(Records from a dataset)
────
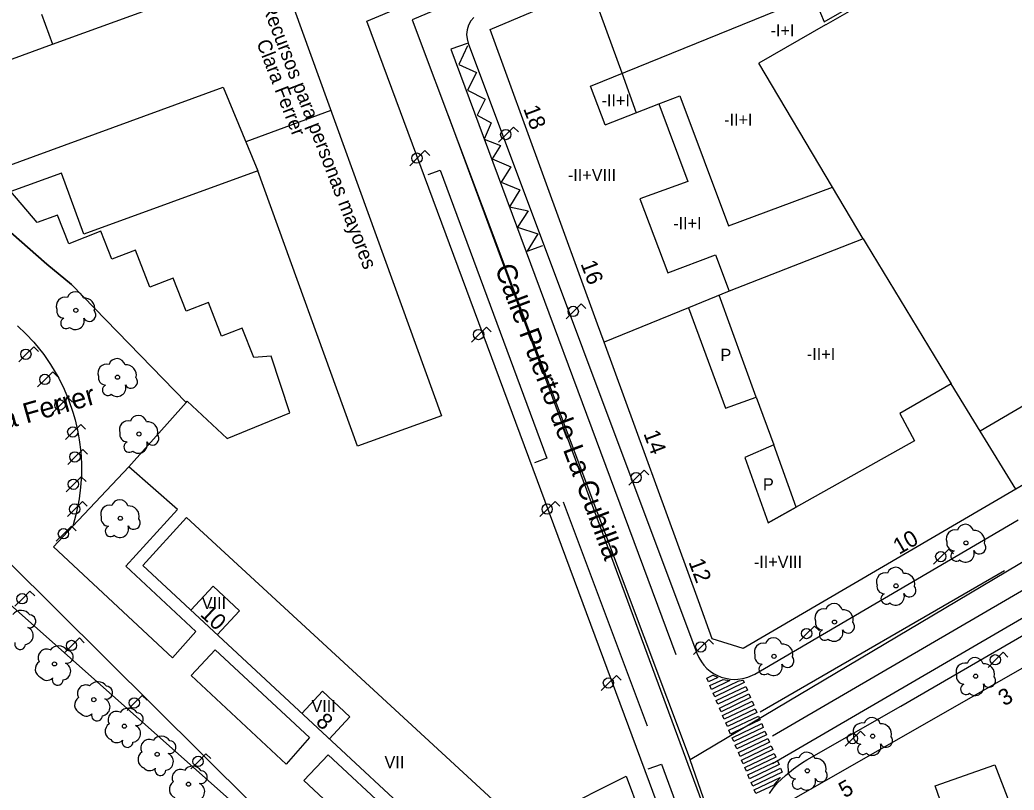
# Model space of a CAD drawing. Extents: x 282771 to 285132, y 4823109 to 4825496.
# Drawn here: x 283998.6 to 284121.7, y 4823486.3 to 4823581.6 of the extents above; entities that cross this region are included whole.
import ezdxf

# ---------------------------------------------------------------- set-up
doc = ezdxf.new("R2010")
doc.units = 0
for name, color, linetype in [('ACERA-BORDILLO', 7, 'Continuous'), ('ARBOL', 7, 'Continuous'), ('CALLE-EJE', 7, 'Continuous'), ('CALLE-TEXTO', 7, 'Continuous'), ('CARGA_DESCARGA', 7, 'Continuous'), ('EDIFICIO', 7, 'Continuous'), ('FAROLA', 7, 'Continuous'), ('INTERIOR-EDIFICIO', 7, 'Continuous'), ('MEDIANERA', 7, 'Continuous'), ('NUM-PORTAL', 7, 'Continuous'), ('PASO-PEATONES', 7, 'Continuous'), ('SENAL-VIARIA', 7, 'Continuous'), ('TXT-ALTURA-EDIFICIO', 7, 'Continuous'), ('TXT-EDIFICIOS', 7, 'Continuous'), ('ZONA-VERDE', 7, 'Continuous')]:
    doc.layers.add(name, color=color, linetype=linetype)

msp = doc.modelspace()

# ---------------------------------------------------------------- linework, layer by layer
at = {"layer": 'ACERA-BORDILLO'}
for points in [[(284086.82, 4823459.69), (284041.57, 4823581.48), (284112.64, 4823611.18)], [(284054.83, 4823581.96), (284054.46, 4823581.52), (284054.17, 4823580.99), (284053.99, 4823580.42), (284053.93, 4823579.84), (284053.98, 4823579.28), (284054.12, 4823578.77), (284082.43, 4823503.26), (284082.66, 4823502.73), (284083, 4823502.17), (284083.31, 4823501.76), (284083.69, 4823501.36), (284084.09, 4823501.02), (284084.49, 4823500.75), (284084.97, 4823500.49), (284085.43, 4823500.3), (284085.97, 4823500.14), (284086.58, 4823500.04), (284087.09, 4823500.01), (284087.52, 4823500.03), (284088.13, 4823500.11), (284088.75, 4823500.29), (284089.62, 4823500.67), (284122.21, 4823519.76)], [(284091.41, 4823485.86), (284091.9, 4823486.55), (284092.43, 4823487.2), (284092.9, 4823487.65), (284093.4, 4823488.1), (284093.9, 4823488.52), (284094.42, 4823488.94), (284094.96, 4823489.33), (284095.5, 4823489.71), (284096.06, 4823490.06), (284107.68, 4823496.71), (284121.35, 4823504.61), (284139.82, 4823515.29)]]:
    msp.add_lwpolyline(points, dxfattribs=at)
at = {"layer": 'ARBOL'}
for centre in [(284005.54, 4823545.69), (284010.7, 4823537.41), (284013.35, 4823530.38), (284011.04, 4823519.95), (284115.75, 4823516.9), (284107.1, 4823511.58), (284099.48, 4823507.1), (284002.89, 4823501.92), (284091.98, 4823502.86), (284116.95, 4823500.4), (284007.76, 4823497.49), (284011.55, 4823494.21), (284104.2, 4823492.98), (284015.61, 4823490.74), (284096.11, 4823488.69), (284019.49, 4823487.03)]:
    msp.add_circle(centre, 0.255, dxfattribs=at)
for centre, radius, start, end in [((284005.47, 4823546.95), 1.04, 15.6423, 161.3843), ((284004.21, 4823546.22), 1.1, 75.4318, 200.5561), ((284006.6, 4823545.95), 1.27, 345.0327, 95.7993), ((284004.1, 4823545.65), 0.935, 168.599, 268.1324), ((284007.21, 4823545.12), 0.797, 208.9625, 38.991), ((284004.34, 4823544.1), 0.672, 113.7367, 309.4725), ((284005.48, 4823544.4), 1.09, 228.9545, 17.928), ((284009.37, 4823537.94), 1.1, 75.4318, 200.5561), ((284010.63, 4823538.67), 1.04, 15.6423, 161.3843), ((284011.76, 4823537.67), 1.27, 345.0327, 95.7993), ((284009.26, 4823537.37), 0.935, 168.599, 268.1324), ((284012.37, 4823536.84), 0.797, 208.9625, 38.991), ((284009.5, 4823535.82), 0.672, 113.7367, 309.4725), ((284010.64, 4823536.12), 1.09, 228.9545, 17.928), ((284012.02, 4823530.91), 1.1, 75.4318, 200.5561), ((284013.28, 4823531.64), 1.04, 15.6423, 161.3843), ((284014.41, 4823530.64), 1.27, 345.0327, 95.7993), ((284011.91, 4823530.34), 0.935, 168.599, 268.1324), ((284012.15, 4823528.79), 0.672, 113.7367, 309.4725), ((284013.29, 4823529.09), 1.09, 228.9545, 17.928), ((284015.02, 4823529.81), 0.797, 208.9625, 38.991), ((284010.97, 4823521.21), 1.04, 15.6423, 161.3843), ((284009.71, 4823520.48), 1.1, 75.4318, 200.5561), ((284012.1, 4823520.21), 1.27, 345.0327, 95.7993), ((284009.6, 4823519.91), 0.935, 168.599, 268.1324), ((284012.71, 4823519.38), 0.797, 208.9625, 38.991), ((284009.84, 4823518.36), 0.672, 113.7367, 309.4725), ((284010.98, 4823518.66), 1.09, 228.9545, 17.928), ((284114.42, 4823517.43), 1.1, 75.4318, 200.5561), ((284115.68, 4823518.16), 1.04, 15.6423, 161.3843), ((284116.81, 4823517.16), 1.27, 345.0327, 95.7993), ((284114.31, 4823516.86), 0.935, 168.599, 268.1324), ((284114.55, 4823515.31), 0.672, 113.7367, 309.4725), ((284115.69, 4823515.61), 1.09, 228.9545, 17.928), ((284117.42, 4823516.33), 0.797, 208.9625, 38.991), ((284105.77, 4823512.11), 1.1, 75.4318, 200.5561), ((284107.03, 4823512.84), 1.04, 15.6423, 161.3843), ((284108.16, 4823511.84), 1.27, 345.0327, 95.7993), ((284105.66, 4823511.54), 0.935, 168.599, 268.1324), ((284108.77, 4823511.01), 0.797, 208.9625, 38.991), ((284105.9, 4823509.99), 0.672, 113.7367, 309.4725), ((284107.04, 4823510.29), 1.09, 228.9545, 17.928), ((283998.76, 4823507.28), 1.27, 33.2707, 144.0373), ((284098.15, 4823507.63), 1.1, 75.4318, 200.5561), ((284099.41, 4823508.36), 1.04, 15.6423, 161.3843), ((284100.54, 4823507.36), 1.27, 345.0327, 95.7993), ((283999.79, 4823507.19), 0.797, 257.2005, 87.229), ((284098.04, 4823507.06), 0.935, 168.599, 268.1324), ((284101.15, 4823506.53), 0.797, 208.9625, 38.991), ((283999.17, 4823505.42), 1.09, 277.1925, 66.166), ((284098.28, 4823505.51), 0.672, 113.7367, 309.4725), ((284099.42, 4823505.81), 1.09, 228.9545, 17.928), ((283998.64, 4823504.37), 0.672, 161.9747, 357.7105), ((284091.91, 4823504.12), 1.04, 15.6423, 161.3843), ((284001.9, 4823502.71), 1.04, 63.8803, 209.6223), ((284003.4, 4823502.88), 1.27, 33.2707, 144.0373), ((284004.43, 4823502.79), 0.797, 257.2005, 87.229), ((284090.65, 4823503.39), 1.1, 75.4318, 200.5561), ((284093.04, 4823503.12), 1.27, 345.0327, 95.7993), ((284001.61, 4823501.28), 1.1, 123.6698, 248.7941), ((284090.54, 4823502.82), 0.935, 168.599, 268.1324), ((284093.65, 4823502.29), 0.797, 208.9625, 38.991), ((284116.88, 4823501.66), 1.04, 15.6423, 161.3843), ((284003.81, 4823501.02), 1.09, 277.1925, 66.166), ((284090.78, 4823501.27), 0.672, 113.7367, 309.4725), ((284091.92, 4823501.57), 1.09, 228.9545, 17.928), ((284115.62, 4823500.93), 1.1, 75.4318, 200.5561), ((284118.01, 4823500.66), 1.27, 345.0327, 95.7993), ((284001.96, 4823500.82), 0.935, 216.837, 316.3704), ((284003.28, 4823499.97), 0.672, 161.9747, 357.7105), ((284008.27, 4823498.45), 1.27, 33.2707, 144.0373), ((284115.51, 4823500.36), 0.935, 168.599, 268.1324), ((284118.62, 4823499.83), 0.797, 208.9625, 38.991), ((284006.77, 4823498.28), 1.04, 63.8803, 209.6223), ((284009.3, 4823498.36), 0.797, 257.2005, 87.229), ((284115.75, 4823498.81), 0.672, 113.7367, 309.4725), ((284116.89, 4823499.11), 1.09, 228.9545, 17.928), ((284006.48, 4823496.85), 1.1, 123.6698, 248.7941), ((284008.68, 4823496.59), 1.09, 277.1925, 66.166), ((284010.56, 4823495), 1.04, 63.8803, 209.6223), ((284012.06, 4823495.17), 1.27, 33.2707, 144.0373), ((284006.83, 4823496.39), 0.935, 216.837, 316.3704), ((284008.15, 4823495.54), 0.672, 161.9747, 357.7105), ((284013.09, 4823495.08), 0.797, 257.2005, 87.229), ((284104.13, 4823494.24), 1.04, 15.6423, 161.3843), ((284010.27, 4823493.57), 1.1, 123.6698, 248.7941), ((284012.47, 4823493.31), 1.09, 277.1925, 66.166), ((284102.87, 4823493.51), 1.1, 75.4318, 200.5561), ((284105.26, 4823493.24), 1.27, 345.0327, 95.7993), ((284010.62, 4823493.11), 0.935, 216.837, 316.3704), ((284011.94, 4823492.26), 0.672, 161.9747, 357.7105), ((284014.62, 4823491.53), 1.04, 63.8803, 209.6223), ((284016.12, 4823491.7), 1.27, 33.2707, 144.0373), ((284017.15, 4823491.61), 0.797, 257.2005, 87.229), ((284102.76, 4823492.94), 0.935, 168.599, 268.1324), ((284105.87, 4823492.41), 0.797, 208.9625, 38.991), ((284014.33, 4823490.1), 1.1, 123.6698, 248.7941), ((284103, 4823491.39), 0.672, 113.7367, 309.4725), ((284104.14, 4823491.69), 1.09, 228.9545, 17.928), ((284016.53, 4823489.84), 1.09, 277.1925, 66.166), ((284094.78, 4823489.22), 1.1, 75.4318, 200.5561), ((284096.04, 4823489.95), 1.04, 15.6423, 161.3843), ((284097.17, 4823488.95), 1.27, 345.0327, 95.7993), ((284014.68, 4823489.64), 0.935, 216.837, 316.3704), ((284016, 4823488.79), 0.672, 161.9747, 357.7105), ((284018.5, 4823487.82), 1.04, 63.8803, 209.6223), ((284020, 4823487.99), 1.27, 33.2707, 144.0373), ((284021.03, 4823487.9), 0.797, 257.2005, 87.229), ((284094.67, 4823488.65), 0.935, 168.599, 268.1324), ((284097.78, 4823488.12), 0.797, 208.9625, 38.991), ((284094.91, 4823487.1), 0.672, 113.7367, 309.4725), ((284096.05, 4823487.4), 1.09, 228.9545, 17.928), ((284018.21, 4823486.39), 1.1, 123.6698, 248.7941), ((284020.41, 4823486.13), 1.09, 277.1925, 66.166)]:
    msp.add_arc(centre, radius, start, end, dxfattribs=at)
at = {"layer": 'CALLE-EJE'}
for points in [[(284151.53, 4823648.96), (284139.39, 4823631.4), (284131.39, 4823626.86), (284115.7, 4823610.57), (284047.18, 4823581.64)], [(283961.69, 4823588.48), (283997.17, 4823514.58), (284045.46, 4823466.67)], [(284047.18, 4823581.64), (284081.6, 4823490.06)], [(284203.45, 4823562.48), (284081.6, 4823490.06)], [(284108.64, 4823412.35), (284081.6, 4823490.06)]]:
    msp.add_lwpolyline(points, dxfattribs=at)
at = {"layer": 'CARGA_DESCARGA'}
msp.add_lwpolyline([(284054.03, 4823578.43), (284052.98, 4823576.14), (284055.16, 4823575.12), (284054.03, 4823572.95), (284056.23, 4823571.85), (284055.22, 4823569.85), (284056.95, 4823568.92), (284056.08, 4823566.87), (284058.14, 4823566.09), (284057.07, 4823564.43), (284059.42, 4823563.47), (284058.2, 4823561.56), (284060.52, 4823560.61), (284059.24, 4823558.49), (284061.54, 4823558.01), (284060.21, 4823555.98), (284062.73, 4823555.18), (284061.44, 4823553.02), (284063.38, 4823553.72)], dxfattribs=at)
────
Go through the entries and return each line where the word "ARBOL" occurs.

for name, color, linetype in [('ACERA-BORDILLO', 7, 'Continuous'), ('ARBOL', 7, 'Continuous'), ('CALLE-EJE', 7, 'Continuous'), ('CALLE-TEXTO', 7, 'Continuous'), ('CARGA_DESCARGA', 7, 'Continuous'), ('EDIFICIO', 7, 'Continuous'), ('FAROLA', 7, 'Continuous'), ('INTERIOR-EDIFICIO', 7, 'Continuous'), ('MEDIANERA', 7, 'Continuous'), ('NUM-PORTAL', 7, 'Continuous'), ('PASO-PEATONES', 7, 'Continuous'), ('SENAL-VIARIA', 7, 'Continuous'), ('TXT-ALTURA-EDIFICIO', 7, 'Continuous'), ('TXT-EDIFICIOS', 7, 'Continuous'), ('ZONA-VERDE', 7, 'Continuous')]:
at = {"layer": 'ARBOL'}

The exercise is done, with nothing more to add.